(Source records)
==========
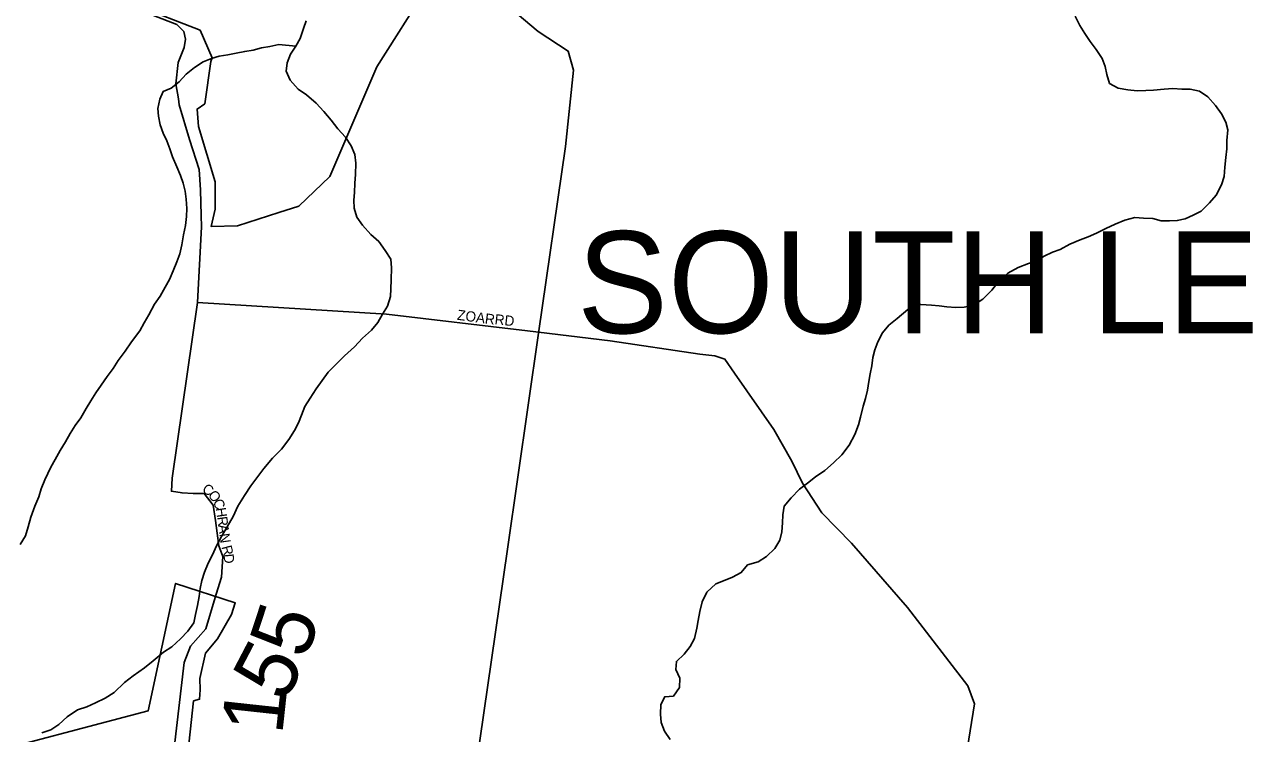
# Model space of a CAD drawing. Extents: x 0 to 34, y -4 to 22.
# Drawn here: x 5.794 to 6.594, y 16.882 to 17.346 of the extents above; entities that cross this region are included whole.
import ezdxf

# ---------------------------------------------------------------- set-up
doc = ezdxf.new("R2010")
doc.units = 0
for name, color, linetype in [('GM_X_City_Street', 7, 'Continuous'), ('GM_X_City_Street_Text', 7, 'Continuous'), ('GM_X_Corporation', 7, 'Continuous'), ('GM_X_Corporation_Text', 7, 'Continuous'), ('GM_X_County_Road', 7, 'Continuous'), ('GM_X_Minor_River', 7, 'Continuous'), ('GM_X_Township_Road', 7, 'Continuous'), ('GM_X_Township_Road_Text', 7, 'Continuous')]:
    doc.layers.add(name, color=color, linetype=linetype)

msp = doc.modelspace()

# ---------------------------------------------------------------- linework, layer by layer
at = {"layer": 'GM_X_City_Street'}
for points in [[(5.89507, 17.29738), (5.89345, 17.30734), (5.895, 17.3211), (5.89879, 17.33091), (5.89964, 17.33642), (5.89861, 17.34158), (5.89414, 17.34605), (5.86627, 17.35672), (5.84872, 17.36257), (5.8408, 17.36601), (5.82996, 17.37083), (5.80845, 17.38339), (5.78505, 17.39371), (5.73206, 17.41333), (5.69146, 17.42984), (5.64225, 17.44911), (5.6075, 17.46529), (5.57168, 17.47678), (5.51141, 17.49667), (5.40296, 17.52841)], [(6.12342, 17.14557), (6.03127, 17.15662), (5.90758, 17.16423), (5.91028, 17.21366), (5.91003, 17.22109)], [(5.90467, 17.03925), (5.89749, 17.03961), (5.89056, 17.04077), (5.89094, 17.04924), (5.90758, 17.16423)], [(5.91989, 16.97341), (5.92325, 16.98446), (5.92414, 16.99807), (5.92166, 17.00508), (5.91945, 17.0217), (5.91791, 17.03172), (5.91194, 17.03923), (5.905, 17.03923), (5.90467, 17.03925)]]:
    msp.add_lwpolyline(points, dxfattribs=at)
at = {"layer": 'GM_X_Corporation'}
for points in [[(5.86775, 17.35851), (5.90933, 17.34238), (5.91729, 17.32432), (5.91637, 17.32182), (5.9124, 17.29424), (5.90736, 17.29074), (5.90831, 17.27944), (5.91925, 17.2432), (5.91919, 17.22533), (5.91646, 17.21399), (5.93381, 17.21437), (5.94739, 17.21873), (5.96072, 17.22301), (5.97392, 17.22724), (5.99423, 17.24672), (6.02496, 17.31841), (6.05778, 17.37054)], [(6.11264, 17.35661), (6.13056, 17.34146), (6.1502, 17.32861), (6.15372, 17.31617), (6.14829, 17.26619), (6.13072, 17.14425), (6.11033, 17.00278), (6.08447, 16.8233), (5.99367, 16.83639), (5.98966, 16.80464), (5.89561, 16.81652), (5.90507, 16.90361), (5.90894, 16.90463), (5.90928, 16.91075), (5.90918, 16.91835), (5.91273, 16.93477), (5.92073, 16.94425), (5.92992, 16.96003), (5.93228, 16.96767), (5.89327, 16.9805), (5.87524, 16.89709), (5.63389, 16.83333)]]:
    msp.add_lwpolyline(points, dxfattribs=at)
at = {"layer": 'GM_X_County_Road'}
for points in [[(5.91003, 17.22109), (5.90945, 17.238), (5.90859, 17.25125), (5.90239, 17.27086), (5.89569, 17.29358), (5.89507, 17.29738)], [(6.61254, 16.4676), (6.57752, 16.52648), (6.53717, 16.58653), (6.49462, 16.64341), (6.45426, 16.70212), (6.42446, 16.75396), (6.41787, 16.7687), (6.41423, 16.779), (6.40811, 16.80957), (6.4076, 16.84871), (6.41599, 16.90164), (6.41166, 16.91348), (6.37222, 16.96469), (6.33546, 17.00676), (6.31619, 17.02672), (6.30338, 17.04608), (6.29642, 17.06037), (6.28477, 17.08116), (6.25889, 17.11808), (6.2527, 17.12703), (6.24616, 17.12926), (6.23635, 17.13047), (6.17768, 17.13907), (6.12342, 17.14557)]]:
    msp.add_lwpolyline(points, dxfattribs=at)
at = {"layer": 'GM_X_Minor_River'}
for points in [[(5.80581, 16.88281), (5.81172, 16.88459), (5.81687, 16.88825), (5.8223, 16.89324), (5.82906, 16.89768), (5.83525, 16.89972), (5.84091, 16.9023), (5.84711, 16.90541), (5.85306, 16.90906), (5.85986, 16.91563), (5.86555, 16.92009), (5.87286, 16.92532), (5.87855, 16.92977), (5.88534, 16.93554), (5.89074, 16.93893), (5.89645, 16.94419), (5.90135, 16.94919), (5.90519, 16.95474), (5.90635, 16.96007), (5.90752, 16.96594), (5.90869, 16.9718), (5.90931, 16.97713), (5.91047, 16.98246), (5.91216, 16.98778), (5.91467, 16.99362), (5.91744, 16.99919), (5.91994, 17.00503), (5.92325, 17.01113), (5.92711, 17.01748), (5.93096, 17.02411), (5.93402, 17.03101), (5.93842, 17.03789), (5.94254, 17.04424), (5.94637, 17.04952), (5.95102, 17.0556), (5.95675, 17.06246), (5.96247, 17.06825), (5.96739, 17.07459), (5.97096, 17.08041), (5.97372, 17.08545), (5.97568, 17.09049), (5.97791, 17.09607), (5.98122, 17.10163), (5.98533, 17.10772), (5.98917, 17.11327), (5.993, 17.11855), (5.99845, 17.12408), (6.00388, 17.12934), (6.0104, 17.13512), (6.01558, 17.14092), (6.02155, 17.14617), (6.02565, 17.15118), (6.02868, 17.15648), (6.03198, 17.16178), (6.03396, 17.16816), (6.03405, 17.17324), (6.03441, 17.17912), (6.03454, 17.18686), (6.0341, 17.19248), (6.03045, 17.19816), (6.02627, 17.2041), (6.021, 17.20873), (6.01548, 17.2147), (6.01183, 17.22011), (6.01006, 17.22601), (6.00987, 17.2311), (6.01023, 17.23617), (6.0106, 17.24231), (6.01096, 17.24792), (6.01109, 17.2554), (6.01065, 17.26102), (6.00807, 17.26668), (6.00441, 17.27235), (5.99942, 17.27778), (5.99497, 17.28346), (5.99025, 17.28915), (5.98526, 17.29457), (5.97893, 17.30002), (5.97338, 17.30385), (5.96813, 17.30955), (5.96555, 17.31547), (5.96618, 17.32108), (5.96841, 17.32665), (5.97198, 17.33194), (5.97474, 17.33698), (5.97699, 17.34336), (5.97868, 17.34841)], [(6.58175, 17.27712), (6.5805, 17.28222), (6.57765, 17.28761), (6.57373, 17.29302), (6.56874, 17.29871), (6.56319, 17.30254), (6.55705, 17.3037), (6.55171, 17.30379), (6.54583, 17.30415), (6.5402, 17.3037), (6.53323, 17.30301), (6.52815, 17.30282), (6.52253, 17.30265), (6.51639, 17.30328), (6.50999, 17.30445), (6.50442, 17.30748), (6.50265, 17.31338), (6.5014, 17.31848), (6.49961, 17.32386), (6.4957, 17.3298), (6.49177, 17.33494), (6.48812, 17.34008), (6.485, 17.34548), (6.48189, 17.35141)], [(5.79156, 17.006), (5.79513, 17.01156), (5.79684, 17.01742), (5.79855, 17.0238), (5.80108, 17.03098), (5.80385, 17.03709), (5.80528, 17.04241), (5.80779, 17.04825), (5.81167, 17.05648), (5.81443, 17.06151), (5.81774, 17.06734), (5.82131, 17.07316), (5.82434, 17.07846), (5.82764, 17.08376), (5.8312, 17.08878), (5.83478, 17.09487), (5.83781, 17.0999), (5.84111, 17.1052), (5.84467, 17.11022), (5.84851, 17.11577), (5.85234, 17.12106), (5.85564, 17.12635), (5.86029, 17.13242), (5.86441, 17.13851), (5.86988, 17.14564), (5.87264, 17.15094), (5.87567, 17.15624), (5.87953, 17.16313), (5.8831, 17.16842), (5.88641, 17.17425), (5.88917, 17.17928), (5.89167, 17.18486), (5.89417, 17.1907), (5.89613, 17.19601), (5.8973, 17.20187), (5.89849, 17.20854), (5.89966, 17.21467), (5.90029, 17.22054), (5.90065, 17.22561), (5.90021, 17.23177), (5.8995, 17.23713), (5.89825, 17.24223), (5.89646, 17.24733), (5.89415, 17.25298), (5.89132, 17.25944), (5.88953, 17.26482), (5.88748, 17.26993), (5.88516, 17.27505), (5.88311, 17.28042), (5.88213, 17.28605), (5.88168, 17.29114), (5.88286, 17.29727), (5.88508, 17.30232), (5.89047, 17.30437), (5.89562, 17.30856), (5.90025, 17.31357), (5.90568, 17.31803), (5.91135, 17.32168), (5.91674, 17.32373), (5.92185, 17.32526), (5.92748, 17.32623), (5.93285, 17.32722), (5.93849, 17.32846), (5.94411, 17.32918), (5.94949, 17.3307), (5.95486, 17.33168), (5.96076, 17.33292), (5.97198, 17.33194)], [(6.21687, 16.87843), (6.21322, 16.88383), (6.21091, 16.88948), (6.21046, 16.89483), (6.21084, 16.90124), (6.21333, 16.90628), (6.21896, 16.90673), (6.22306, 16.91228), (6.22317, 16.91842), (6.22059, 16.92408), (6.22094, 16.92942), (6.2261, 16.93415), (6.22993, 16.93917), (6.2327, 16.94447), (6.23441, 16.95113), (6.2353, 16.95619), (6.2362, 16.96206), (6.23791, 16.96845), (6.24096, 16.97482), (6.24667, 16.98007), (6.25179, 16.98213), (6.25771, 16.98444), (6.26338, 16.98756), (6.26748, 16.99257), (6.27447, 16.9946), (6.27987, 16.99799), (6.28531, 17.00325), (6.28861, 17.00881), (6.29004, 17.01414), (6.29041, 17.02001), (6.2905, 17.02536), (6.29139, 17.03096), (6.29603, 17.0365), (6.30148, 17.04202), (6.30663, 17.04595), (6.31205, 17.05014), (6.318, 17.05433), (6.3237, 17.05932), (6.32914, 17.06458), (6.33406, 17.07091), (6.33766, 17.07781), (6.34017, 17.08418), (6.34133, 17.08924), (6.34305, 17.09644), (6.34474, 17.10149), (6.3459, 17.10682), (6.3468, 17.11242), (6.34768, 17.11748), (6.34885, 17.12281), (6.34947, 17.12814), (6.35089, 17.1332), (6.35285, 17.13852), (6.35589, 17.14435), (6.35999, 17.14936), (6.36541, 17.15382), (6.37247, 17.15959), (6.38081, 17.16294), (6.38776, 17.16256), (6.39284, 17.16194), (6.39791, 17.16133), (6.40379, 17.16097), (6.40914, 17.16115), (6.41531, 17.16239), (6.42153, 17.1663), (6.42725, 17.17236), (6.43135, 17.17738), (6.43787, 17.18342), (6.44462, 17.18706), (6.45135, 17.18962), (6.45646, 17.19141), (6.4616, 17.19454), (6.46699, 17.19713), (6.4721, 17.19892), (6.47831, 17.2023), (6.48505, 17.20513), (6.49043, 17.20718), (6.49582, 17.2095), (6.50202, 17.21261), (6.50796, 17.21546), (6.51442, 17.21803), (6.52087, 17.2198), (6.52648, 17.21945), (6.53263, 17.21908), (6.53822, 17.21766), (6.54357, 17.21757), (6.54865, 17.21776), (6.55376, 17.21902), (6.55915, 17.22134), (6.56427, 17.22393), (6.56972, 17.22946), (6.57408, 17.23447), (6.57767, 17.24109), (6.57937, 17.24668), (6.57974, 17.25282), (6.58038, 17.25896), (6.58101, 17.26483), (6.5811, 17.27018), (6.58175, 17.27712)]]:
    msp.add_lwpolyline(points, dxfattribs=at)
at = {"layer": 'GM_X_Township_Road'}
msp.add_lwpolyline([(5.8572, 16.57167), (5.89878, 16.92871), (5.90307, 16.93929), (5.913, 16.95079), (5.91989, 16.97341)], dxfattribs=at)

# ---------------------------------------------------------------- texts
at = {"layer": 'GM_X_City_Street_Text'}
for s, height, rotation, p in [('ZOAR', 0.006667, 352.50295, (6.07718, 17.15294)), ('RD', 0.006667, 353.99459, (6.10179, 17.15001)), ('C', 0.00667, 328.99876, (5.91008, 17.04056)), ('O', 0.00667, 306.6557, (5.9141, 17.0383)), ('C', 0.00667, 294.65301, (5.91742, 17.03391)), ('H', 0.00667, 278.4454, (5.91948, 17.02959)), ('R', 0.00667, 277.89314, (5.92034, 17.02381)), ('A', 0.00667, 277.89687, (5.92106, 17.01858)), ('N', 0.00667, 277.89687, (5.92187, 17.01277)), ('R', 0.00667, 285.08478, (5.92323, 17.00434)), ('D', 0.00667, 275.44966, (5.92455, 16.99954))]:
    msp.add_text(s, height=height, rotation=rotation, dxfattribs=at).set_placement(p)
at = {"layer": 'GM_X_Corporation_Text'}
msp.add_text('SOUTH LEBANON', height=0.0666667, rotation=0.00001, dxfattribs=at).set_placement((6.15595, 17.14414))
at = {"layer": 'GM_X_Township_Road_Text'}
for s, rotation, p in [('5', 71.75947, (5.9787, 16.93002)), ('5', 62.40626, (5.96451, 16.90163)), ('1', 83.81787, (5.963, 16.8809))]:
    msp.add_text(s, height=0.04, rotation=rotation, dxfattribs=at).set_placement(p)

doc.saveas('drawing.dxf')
==========
## Assigned task
If a line of the records above contains the word "color", count it; then give the total and nothing more.

## Task result
2